Us et costumes: Cendrillon au bal

Il y a quelques temps, en croisant ma lecture d'un article de Lucie qui essayait de faire de la pédagogie à l'adresse des participants de GN  (Ici) et ce que j'avais commencé à éplucher dans les Magasins des demoiselles; j'ai eu l'idée de faire une série d'articles pour "résumer" ou "vulgariser" (au sens noble du terme) la prose d'époque à ce sujet.

Lancée dans la danse ancienne grâce aux cours de l'association Carnet de Bals je consacre le premier aux soirées de bal. L'article que je vais illustrer et synthétiser provient du Magasin des Demoiselles de Novembre 1857 de Madame de Simiane. 
L'article fait environ quatre pages pleines, d'où l'idée de "résumer" alors que c'est un procédé que j'affectionne peu en général. 

Je termine cette courte introduction avec l'objectif poursuivi. Cela peut passer pour une lubie de puriste mais ce n'en est qu'à moitié une. En effet nombre d'associations de costumés ou de reconstitution insistent dans leurs chartes sur l'importance d'accorder son comportement, sa manière de parler avec sa tenue. Et même un débutant en costume peut facilement adopter quelques "réflexes" historiques, il n'est pas question de technique, ni de moyen et cela donne très rapidement une allure très historique. 
J'ajoute qu'il y a quelque chose pour moi de très frustrant dans le fait de voir une belle tenue historique sur une personne qui agit en totale disparité avec sa tenue, par exemple (et l'article l'évoquera) ces jeunes filles absolument superbes qui tout d'un coup attrapent leur crinoline par le cerceau et la lève à une hauteur, certes, confortable pour marcher à leur aise mais totalement disgracieuse et mal-séante.
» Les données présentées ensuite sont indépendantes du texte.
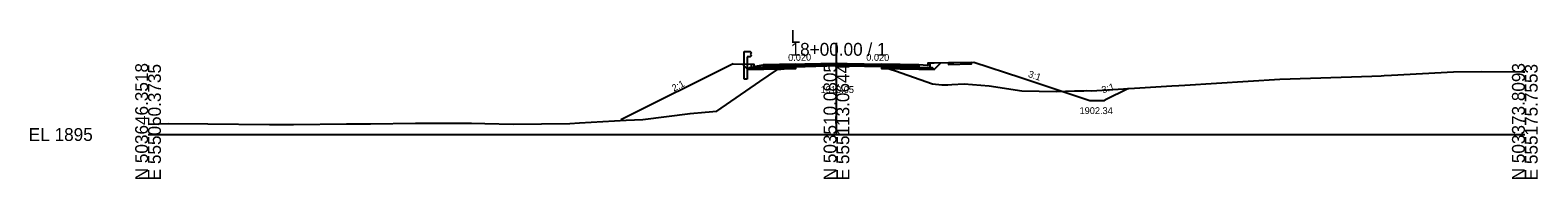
# Model space of a CAD drawing. Extents: x -26 to 4603, y -10 to 4703.
# Drawn here: x -25.7 to 302.8, y 3535.3 to 3567.8 of the extents above; entities that cross this region are included whole.
import ezdxf

# ---------------------------------------------------------------- set-up
doc = ezdxf.new("R2010")
doc.units = 0
for name, color, linetype in [('Default', 7, 'Continuous'), ('Exist Cross Section Cell', 7, 'Continuous'), ('Exist XS Ground Line', 7, 'Continuous'), ('Prop CMT Guardrail Graphics', 7, 'Continuous'), ('Prop CMT Pvmt Course 1', 7, 'Continuous'), ('Prop CMT Pvmt Course 2', 7, 'Continuous'), ('Prop CMT Pvmt Course 3', 7, 'Continuous'), ('Prop CMT Pvmt Milling', 7, 'Continuous'), ('Prop CMT Shear Line', 7, 'Continuous'), ('Prop CMT Shld Paved Course 2', 7, 'Continuous'), ('Prop CMT Shld Paved Course 3', 7, 'Continuous'), ('Prop CMT Subgrade Earthwork', 7, 'Continuous'), ('Prop Conc 4in Sidewalk', 7, 'Continuous'), ('Prop Conc Curb and Gutter', 7, 'Continuous'), ('Prop XS Ditch Slope Text', 7, 'Continuous'), ('Prop XS Finish Grade', 7, 'Continuous'), ('Prop XS Label Text', 7, 'Continuous'), ('Prop XS SS Elevation Text', 7, 'Continuous'), ('Scratch_Level_9', 7, 'Continuous')]:
    doc.layers.add(name, color=color, linetype=linetype)

msp = doc.modelspace()

# ---------------------------------------------------------------- linework, layer by layer
at = {"layer": 'Exist Cross Section Cell'}
for p, q in [((150, 3545), (150, 3565)), ((0, 3545), (150, 3545)), ((150, 3545), (300, 3545))]:
    msp.add_line(p, q, dxfattribs=at)
at = {"layer": 'Exist XS Ground Line'}
msp.add_lwpolyline([(0, 3547.27), (4.47, 3547.38), (13.05, 3547.35), (26.48, 3547.18), (28.13, 3547.18), (31.7, 3547.17), (43.21, 3547.34), (48.5, 3547.34), (58.28, 3547.49), (70.51, 3547.47), (73.36, 3547.44), (79.56, 3547.29), (91.93, 3547.41), (93.99, 3547.55), (104.17, 3548.15), (107.83, 3548.28), (118.15, 3549.59), (121.37, 3549.89), (123.97, 3550.12), (133.34, 3556.58), (137.13, 3559.17), (138.59, 3559.37), (141.18, 3559.78), (143.22, 3559.84), (150.24, 3560.06), (152.35, 3560.02), (159.79, 3559.86), (162.84, 3558.87), (170.92, 3556.08), (173, 3555.88), (174.28, 3555.83), (175.14, 3555.91), (177.8, 3556.06), (183.3, 3555.62), (190.37, 3554.57), (197.94, 3554.39), (201.84, 3554.51), (203.9, 3554.57), (204.55, 3554.6), (205.6, 3554.54), (223.12, 3555.63), (224.62, 3555.71), (225.89, 3555.78), (246.63, 3557.06), (266.66, 3557.73), (268.68, 3557.81), (269.38, 3557.85), (270.97, 3557.94), (284.46, 3558.69), (290.66, 3558.74), (299.54, 3558.67), (300, 3558.7)], dxfattribs=at)
at = {"layer": 'Prop CMT Guardrail Graphics'}
for points in [[(129.89, 3557.12), (129.89, 3563.12)], [(129.89, 3563.12), (131.23, 3563.12), (131.5, 3562.83)], [(131.5, 3562.25), (131.23, 3561.95), (130.56, 3561.95)], [(130.56, 3561.95), (130.56, 3557.12)], [(131.5, 3562.83), (131.23, 3562.54)], [(131.23, 3562.54), (131.5, 3562.25)], [(130.56, 3557.12), (129.89, 3557.12)]]:
    msp.add_lwpolyline(points, dxfattribs=at)
at = {"layer": 'Prop CMT Pvmt Course 1'}
for points in [[(141.18, 3560.38), (134, 3560.24), (134, 3559.99), (134, 3559.99), (141.18, 3560.13), (141.18, 3560.13), (141.18, 3560.13), (141.18, 3560.38), (141.18, 3560.38)], [(150, 3560.56), (150, 3560.56), (150, 3560.05), (150, 3560.05), (150, 3560.05), (143.22, 3559.84), (143.22, 3559.84), (141.18, 3559.78), (141.18, 3559.78), (141.18, 3560.38), (143.22, 3560.43), (143.22, 3560.43), (150, 3560.56)], [(159.79, 3560.36), (159.79, 3559.86), (159.79, 3559.86), (159.79, 3559.86), (152.35, 3560.02), (152.35, 3560.02), (150.24, 3560.06), (150, 3560.05), (150, 3560.05), (150, 3560.05), (150, 3560.56), (150.24, 3560.56), (150.24, 3560.56), (152.35, 3560.51), (152.35, 3560.51), (159.79, 3560.36), (159.79, 3560.36)], [(167.95, 3560.2), (159.79, 3560.36), (159.79, 3560.11), (159.79, 3560.11), (167.95, 3559.95), (167.95, 3559.95), (167.95, 3559.95), (167.95, 3560.2), (167.95, 3560.2)]]:
    msp.add_lwpolyline(points, dxfattribs=at)
at = {"layer": 'Prop CMT Pvmt Course 2'}
for points in [[(141.18, 3560.13), (134, 3559.99), (134, 3559.66), (134, 3559.66), (141.18, 3559.8), (141.18, 3559.8), (141.18, 3559.8), (141.18, 3560.13), (141.18, 3560.13)], [(167.95, 3559.95), (159.79, 3560.11), (159.79, 3559.78), (159.79, 3559.78), (167.95, 3559.62), (167.95, 3559.62), (167.95, 3559.62), (167.95, 3559.95), (167.95, 3559.95)]]:
    msp.add_lwpolyline(points, dxfattribs=at)
at = {"layer": 'Prop CMT Pvmt Course 3'}
for points in [[(141.18, 3559.8), (134, 3559.66), (134, 3559.28), (134, 3559.28), (141.18, 3559.43), (141.18, 3559.43), (141.18, 3559.43), (141.18, 3559.8), (141.18, 3559.8)], [(167.95, 3559.62), (159.79, 3559.78), (159.79, 3559.41), (159.79, 3559.41), (167.95, 3559.24), (167.95, 3559.24), (167.95, 3559.24), (167.95, 3559.62), (167.95, 3559.62)], [(167.95, 3559.62), (167.95, 3559.24), (167.95, 3559.24), (171.33, 3559.17), (170.95, 3559.55), (167.95, 3559.62), (167.95, 3559.62)]]:
    msp.add_lwpolyline(points, dxfattribs=at)
at = {"layer": 'Prop CMT Pvmt Milling'}
for points in [[(141.18, 3559.78), (143.22, 3559.84), (143.22, 3559.84), (150, 3560.05), (150, 3560.05)], [(152.35, 3560.02), (159.79, 3559.86), (159.79, 3559.86), (159.79, 3559.86), (159.79, 3559.86), (152.35, 3560.02), (152.35, 3560.02), (150.24, 3560.06), (150, 3560.05), (150, 3560.05)]]:
    msp.add_lwpolyline(points, dxfattribs=at)
at = {"layer": 'Prop CMT Shld Paved Course 2'}
for points in [[(150, 3560.31), (150, 3560.31), (150, 3559.98), (150, 3559.98), (150, 3559.98), (143.22, 3559.84), (143.22, 3559.84), (143.05, 3559.84), (141.18, 3559.78), (141.18, 3559.78), (141.18, 3559.78), (141.18, 3560.13), (143.22, 3560.18), (143.22, 3560.18), (150, 3560.31)], [(159.79, 3560.11), (159.79, 3559.78), (159.79, 3559.78), (159.79, 3559.78), (152.35, 3559.93), (152.35, 3559.93), (150.24, 3559.97), (150.24, 3559.97), (150, 3559.98), (150, 3559.98), (150, 3560.31), (150.24, 3560.31), (150.24, 3560.31), (152.35, 3560.26), (152.35, 3560.26), (159.79, 3560.11), (159.79, 3560.11)]]:
    msp.add_lwpolyline(points, dxfattribs=at)
at = {"layer": 'Prop CMT Shld Paved Course 3'}
msp.add_lwpolyline([(131, 3559.6), (134, 3559.66), (134, 3559.28), (134, 3559.28), (130.7, 3559.22), (130.7, 3559.22), (130.7, 3559.22), (131, 3559.6), (131, 3559.6)], dxfattribs=at)
at = {"layer": 'Prop CMT Subgrade Earthwork'}
for points in [[(129.54, 3560.38), (130.7, 3559.22), (130.7, 3559.22)], [(130.7, 3559.22), (141.18, 3559.43), (141.18, 3559.43)], [(171.33, 3559.18), (171.33, 3559.18), (159.79, 3559.41)], [(167.95, 3559.24), (167.95, 3559.24), (171.33, 3559.17), (172.78, 3560.62)]]:
    msp.add_lwpolyline(points, dxfattribs=at)
at = {"layer": 'Prop Conc 4in Sidewalk'}
msp.add_lwpolyline([(174.45, 3560.65), (174.45, 3560.32), (179.45, 3560.42), (179.45, 3560.75), (174.45, 3560.65)], dxfattribs=at)
at = {"layer": 'Prop Conc Curb and Gutter'}
for points in [[(132, 3559.84), (134, 3560.24), (134, 3559.66), (134, 3559.66), (131.5, 3559.61), (131.5, 3559.61), (131.5, 3559.61), (131.5, 3560.34), (132, 3560.34), (132, 3560.34), (132, 3559.84), (132, 3559.84), (132, 3559.84)], [(167.95, 3560.2), (167.95, 3560.2), (167.95, 3560.2), (167.95, 3559.62), (167.95, 3559.62), (167.95, 3559.62), (170.29, 3559.57), (170.45, 3559.56), (170.45, 3559.63), (170.45, 3560.58), (169.97, 3560.58), (169.95, 3560.58), (169.95, 3560.1), (169.95, 3560.08), (169.84, 3560.08), (167.95, 3560.2), (167.95, 3560.2)]]:
    msp.add_lwpolyline(points, dxfattribs=at)
at = {"layer": 'Prop XS Finish Grade'}
for points in [[(127.5, 3560.42), (103.05, 3548.2)], [(127.5, 3560.42), (131.5, 3560.34), (131.5, 3560.34)], [(205.25, 3552.34), (205.25, 3552.34), (190.17, 3557.35), (179.95, 3560.76), (171.3, 3560.59), (170.45, 3560.58)], [(213.66, 3555.04), (208.5, 3552.47), (208.25, 3552.34), (205.25, 3552.34), (205.25, 3552.34)]]:
    msp.add_lwpolyline(points, dxfattribs=at)
at = {"layer": 'Scratch_Level_9'}
msp.add_lwpolyline([(134, 3560.24), (134, 3559.99)], dxfattribs=at)

# ---------------------------------------------------------------- texts
at = {"layer": 'Default'}
msp.add_text('-', height=0.0001, dxfattribs=at).set_placement((0, 3545))
at = {"layer": 'Exist Cross Section Cell'}
for s, p in [('18+00.00 / 1', (140, 3562.2)), ('L', (140, 3565)), ('EL 1895', (-26, 3543.6))]:
    msp.add_text(s, height=2.8, dxfattribs=at).set_placement(p)
for s, p in [('N 503646.3518', (0, 3535)), ('E 555050.3735', (2.8, 3535)), ('N 503510.0805', (150, 3535)), ('E 555113.0644', (152.8, 3535)), ('N 503373.8093', (300, 3535)), ('E 555175.7553', (302.8, 3535))]:
    msp.add_text(s, height=2.8, rotation=90, dxfattribs=at).set_placement(p)
at = {"layer": 'Prop CMT Shear Line'}
for p in [(127.5, 3560.42), (129, 3560.39), (132, 3559.84), (134, 3560.24), (134, 3560.24), (150, 3560.56), (167.94, 3560.2), (169.95, 3560.08), (174.45, 3560.65), (179.45, 3560.75), (179.95, 3560.76), (213.66, 3555.04), (205.25, 3552.34), (104.55, 3548.17)]:
    msp.add_text('X', height=0.0025, dxfattribs=at).set_placement(p)
at = {"layer": 'Prop XS Ditch Slope Text'}
msp.add_text('1902.34', height=1.5, dxfattribs=at).set_placement((202.97, 3549.46))
at = {"layer": 'Prop XS Label Text'}
for s, rotation, p in [('0.020', 1.1458, (139.48, 3561.05)), ('0.020', 358.8542, (156.48, 3561.13)), ('3:1', 341.5961, (191.65, 3557.6)), ('2:1', 28.1018, (114.61, 3554.33)), ('3:1', 17.8153, (208.07, 3553.98))]:
    msp.add_text(s, height=1.5, rotation=rotation, dxfattribs=at).set_placement(p)
at = {"layer": 'Prop XS SS Elevation Text'}
msp.add_text('1910.05', height=1.5, dxfattribs=at).set_placement((146.57, 3554.07))

doc.saveas('drawing.dxf')

Voilà entrée en matière trop longue terminée. Allons-y pour les recommandations de Madame Simiane à propos des bals. 

Son premier conseil est à propos de la manière de répondre à une invitation, il est intéressant de savoir qu'elle fait une distinction entre bal et soirée; on doit obligatoirement répondre par écrit pour un bal et on peut se permettre un remerciement verbal lors d'une courte visite pour une "simple" soirée. 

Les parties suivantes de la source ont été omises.